Given records -
+++++

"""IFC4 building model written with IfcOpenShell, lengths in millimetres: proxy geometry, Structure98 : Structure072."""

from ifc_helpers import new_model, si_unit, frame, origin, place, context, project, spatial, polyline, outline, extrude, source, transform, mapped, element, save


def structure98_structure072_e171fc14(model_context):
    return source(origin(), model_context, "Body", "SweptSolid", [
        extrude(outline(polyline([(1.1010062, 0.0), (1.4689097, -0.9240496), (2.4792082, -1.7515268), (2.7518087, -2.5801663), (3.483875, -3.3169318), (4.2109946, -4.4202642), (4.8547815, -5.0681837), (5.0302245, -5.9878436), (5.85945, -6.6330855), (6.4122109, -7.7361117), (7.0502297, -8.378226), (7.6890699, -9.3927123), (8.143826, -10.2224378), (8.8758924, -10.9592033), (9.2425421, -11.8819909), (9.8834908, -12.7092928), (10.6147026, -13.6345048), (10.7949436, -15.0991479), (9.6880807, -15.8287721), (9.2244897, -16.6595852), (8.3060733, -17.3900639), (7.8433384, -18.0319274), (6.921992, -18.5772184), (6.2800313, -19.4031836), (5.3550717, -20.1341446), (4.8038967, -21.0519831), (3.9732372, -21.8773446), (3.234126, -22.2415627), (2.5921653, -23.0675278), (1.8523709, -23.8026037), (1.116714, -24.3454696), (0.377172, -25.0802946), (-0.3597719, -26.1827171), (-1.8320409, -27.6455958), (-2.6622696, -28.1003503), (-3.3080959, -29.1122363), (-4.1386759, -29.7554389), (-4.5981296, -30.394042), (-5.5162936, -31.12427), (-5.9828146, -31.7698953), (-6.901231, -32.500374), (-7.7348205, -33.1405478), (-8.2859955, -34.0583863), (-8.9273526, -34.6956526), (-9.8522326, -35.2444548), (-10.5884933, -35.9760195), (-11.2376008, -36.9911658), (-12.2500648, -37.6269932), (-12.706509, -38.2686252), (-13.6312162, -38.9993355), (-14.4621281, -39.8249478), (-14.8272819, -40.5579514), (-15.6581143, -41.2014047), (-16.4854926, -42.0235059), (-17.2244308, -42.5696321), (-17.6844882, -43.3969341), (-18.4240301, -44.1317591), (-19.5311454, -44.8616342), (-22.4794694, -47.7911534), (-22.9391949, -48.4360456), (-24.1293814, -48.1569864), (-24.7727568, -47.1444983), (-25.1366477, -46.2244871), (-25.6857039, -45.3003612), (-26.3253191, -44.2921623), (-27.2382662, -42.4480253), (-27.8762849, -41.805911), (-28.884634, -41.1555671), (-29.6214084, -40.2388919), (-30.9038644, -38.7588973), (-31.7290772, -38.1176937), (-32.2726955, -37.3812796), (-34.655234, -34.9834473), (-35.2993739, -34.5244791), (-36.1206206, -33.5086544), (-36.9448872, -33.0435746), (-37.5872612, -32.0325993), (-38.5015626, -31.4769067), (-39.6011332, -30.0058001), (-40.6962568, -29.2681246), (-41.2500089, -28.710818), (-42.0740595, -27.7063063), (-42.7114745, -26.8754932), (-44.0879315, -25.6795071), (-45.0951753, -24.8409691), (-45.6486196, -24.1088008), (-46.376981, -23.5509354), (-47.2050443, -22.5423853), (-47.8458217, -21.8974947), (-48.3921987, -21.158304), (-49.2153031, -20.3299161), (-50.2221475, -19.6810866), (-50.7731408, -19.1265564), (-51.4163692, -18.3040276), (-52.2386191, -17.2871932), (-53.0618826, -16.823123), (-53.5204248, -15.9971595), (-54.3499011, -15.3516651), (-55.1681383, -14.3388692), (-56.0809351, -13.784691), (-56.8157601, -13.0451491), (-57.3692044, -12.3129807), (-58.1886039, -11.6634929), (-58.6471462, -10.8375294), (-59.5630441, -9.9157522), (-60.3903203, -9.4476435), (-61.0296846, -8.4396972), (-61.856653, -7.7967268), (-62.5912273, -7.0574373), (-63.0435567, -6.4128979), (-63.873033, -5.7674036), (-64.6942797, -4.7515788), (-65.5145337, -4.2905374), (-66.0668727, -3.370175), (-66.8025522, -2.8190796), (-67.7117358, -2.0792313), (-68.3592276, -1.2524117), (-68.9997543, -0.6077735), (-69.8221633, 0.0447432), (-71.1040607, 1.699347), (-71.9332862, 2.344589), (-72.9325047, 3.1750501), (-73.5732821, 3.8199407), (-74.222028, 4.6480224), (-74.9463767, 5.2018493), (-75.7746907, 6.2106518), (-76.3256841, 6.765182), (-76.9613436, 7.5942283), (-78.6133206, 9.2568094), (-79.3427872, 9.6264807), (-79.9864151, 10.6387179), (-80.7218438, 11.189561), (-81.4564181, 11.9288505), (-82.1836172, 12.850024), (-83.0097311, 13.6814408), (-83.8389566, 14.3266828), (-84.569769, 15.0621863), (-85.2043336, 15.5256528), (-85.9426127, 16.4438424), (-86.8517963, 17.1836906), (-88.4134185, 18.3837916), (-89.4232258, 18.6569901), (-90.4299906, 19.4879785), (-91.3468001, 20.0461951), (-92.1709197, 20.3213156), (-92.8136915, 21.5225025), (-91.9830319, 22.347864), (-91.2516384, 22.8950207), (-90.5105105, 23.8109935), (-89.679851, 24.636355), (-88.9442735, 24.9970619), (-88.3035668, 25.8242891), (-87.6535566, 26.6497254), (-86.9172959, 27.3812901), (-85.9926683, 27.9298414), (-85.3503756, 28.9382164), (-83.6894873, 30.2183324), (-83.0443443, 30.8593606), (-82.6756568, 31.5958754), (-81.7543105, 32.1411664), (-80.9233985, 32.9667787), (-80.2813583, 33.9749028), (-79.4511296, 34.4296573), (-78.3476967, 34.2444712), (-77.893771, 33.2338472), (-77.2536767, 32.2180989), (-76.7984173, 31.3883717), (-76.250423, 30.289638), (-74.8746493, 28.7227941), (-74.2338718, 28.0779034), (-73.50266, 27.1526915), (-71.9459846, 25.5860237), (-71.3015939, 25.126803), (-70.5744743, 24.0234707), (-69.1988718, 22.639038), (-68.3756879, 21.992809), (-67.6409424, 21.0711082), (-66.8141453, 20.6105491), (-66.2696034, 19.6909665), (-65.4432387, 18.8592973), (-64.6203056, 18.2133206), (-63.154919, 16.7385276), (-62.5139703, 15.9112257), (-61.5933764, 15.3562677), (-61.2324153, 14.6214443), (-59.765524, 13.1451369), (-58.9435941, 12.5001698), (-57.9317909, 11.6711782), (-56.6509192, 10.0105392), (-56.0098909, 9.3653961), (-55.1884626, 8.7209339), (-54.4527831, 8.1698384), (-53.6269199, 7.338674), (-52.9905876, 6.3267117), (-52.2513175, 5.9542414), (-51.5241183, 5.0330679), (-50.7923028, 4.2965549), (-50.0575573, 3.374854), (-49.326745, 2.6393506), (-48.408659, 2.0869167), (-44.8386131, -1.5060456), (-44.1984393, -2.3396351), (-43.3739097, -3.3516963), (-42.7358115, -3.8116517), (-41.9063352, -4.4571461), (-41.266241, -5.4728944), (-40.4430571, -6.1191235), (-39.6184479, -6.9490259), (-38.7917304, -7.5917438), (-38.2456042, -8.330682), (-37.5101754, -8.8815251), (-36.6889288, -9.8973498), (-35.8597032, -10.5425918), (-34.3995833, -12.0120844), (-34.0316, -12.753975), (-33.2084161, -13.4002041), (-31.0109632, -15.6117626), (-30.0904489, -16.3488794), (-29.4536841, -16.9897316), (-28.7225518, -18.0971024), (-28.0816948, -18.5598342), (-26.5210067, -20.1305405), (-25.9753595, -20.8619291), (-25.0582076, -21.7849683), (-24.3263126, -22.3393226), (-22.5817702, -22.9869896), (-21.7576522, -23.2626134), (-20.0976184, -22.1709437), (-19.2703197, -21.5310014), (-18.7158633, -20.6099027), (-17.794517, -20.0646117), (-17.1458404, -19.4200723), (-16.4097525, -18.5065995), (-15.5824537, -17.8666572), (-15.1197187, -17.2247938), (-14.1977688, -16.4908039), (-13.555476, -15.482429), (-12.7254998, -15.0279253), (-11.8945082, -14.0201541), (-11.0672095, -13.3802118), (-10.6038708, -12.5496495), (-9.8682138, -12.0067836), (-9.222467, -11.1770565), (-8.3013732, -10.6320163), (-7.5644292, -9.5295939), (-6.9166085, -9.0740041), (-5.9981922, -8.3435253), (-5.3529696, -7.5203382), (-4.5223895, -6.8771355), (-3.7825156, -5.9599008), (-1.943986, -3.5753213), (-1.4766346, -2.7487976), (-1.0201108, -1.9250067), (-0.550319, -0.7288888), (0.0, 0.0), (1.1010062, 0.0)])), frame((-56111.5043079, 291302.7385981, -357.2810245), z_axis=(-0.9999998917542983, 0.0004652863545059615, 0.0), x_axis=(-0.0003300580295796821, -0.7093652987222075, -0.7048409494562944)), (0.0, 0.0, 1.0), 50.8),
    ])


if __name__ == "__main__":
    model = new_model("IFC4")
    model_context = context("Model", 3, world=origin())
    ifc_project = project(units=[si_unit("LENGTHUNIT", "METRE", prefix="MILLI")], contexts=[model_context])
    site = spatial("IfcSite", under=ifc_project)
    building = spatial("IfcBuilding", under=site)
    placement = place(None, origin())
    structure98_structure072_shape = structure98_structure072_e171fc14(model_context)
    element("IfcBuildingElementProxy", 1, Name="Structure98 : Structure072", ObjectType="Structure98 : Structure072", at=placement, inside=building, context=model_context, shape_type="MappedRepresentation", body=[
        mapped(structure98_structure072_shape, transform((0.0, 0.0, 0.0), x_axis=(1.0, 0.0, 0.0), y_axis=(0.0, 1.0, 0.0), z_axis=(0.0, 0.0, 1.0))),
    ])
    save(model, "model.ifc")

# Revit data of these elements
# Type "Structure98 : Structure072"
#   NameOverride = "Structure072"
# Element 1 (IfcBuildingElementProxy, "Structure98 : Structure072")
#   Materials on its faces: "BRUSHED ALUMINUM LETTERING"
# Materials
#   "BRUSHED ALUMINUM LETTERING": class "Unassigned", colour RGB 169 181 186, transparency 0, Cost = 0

+++++

Activity -
The required output is each line from the one with "Materials on its" through the end of the material above, repeated exactly with both ends included.

Expected output -
#   Materials on its faces: "BRUSHED ALUMINUM LETTERING"
# Materials
#   "BRUSHED ALUMINUM LETTERING": class "Unassigned", colour RGB 169 181 186, transparency 0, Cost = 0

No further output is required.